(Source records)
◇ ◇ ◇ ◇

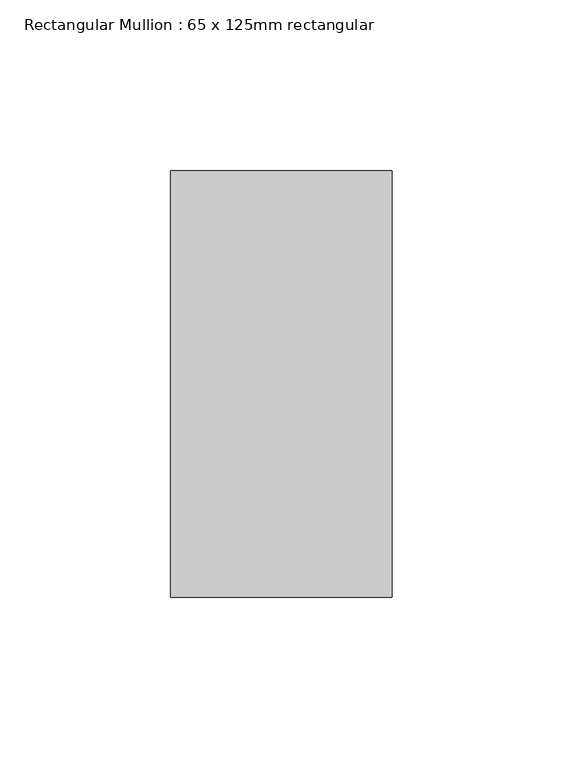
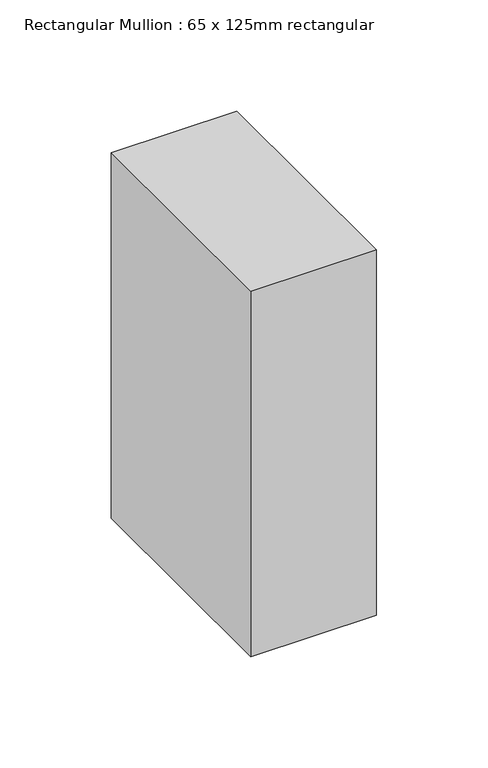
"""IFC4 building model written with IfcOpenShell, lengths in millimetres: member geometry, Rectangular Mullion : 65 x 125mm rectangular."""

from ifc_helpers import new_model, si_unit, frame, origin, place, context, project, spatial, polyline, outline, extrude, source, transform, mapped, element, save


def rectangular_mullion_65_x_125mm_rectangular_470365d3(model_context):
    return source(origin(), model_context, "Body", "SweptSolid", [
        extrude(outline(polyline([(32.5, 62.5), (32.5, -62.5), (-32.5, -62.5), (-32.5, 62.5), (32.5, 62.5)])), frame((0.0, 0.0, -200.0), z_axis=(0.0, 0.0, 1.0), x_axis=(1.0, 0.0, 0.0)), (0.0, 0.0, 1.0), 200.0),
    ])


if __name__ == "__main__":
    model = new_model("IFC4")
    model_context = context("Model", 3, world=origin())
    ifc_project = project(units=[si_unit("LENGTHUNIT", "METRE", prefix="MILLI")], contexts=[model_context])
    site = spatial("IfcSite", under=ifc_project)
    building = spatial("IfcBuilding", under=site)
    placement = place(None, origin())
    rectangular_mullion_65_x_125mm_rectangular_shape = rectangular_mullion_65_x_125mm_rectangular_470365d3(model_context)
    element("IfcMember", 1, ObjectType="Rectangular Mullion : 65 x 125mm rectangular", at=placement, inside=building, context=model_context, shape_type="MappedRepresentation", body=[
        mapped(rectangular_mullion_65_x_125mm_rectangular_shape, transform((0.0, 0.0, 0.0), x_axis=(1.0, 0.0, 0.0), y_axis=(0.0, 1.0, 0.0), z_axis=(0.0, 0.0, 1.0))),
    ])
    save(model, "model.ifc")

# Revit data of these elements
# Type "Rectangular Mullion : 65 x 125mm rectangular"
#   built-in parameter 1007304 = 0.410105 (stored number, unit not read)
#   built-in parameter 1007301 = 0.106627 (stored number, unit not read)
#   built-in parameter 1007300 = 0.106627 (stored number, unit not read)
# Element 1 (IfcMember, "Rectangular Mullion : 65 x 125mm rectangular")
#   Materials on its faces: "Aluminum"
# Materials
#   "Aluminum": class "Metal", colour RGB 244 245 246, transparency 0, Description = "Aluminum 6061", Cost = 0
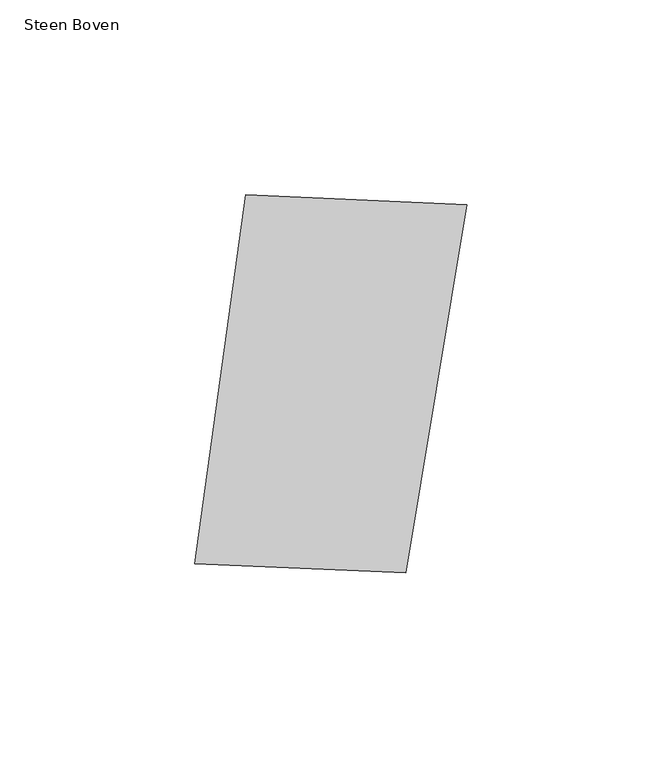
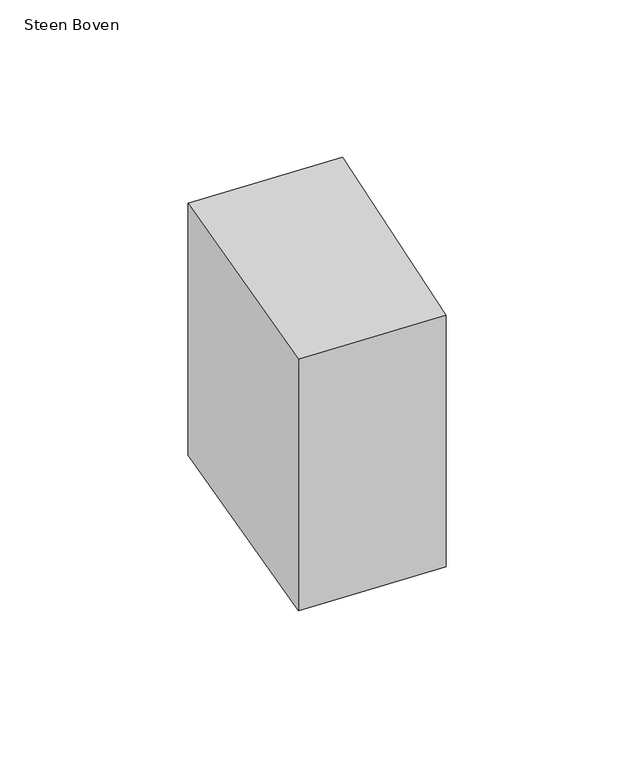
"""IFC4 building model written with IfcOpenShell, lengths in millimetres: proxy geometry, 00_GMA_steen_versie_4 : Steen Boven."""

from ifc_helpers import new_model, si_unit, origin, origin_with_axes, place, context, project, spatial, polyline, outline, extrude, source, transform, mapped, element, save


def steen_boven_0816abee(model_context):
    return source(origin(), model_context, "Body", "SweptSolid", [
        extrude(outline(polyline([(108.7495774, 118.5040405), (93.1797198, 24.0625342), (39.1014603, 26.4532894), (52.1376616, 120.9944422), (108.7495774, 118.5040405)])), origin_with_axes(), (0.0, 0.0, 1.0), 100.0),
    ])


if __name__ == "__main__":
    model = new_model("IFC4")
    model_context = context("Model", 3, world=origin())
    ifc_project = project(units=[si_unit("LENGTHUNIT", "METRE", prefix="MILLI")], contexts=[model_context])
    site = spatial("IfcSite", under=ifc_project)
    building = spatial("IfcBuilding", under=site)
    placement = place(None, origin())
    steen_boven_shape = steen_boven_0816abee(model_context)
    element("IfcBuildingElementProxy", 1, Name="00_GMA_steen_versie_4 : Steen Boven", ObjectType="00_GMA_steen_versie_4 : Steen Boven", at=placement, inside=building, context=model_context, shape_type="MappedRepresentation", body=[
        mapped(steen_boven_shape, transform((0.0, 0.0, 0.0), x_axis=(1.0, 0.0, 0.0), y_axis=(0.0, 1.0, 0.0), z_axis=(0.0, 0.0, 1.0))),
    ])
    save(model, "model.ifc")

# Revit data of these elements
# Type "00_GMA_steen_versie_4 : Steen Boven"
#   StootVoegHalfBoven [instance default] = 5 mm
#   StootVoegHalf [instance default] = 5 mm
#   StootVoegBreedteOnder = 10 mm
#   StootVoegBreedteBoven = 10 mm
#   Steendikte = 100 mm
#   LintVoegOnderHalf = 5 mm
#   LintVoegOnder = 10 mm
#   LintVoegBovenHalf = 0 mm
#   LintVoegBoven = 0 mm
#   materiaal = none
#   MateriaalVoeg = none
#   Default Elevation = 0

◇ ◇ ◇ ◇

From the data above, copy each line with the string "geometry" in it.

"""IFC4 building model written with IfcOpenShell, lengths in millimetres: member geometry, Rectangular Mullion : 65 x 125mm rectangular."""
"""IFC4 building model written with IfcOpenShell, lengths in millimetres: proxy geometry, 00_GMA_steen_versie_4 : Steen Boven."""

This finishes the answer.